El misterio santo de la Navidad, que hoy celebramos, nos congrega para contemplar y admirar, para bendecir y cantar, para postrarnos en humilde oración ante el Niño, que yace en el portal de Belén. Pero, ¿quién es este Niño cuyo nacimiento es hoy motivo de alegría universal? ¿Quién es ese Niño a quien anuncian y alaban los ángeles, adoran y bendicen los pastores y rinden homenaje los reyes venidos de oriente? ¿Quién es ese Niño que se distingue de todos los demás niños y ha dividido la Historia en un antes y en un después?

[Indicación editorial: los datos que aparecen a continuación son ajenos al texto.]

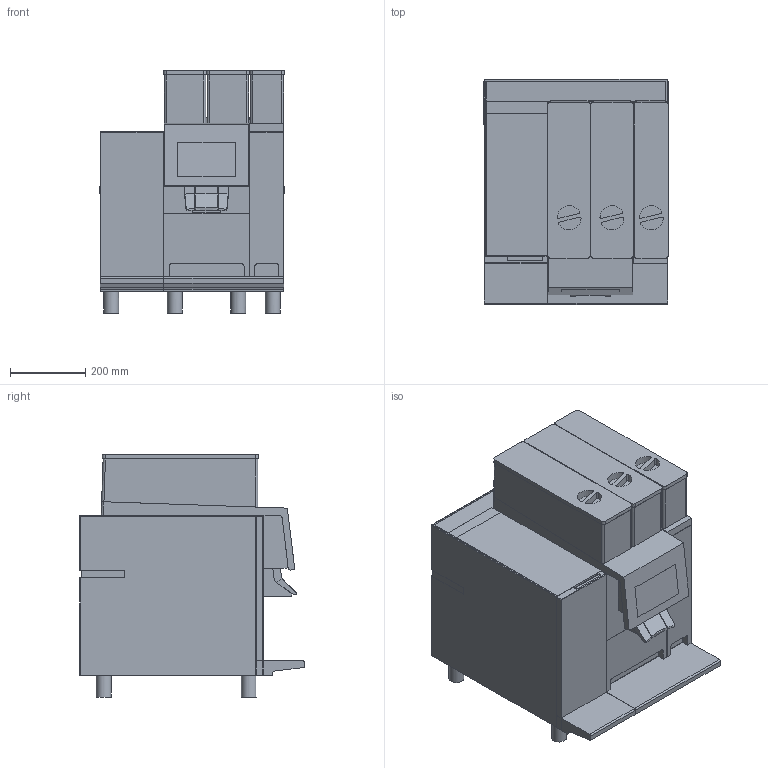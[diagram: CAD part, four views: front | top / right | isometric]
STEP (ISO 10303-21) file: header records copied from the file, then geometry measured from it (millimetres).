
FILE_DESCRIPTION(/* description */ ('Unknown'),/* implementation_level */ '2;1');
FILE_NAME(/* name */ 'HM_BW4c-CTM-P-RS',/* time_stamp */ '2026-08-14T14:27:11+02:00',/* author */ ('Unknown'),/* organization */ ('Unknown'),/* preprocessor_version */ 'ST-DEVELOPER v20',/* originating_system */ 'Solid Edge',/* authorisation */ 'Unknown');
FILE_SCHEMA (('AUTOMOTIVE_DESIGN {1 0 10303 214 3 1 1}'));
Length unit declared in the file: millimetre
Products named in the file (1): HM_BW4c-CTM-P-RS
Bounding box: 491.85 x 599.39 x 645.98 mm (x, y, z)
Volume: 127284975.3 mm3; surface area: 2197009.7 mm2
Topology: 1 solids, 1 shells, 337 faces, 923 edges, 596 vertices
Faces by surface type: plane 239, cylinder 94, sphere 4
Full cylindrical faces by diameter (mm): 40 x8
Entity records: 12934 total; most frequent: CARTESIAN_POINT 1837, ORIENTED_EDGE 1814, DIRECTION 1788, EDGE_CURVE 907, LINE 702, VECTOR 702, VERTEX_POINT 592, AXIS2_PLACEMENT_3D 543

Este Niño es Dios. Esta es la respuesta clara, cierta y precisa que nos ha dado el evangelista San Juan en el evangelio que hemos proclamado: Ese Niño es la Palabra, el Verbo de Dios, hecho carne; es el mismo Hijo de Dios hecho Hombre, es el Hijo de Dios que, sin dejar la gloria del Padre se ha hecho presente entre nosotros. Ese Niño que ha nacido en Belén es Dios, y por eso los ángeles del cielo lo adoran y han entonado el cántico más grandioso y sencillo que oyó la tierra: “Gloria a Díos en el cielo, y en la tierra paz a los hombres que ama el Señor” (Lc 2, 14). Ese Niño es Dios, y por eso los profetas lo anunciaron, y su anuncio se cumplió en la historia. Ese Niño es Dios, y porque lo es, una estrella lo señala desde las alturas; y porque es Rey de reyes y Señor de los señores llegaron los reyes de Arabia y Sabá a depositar junto a su cuna los tesoros, los cetros y las coronas.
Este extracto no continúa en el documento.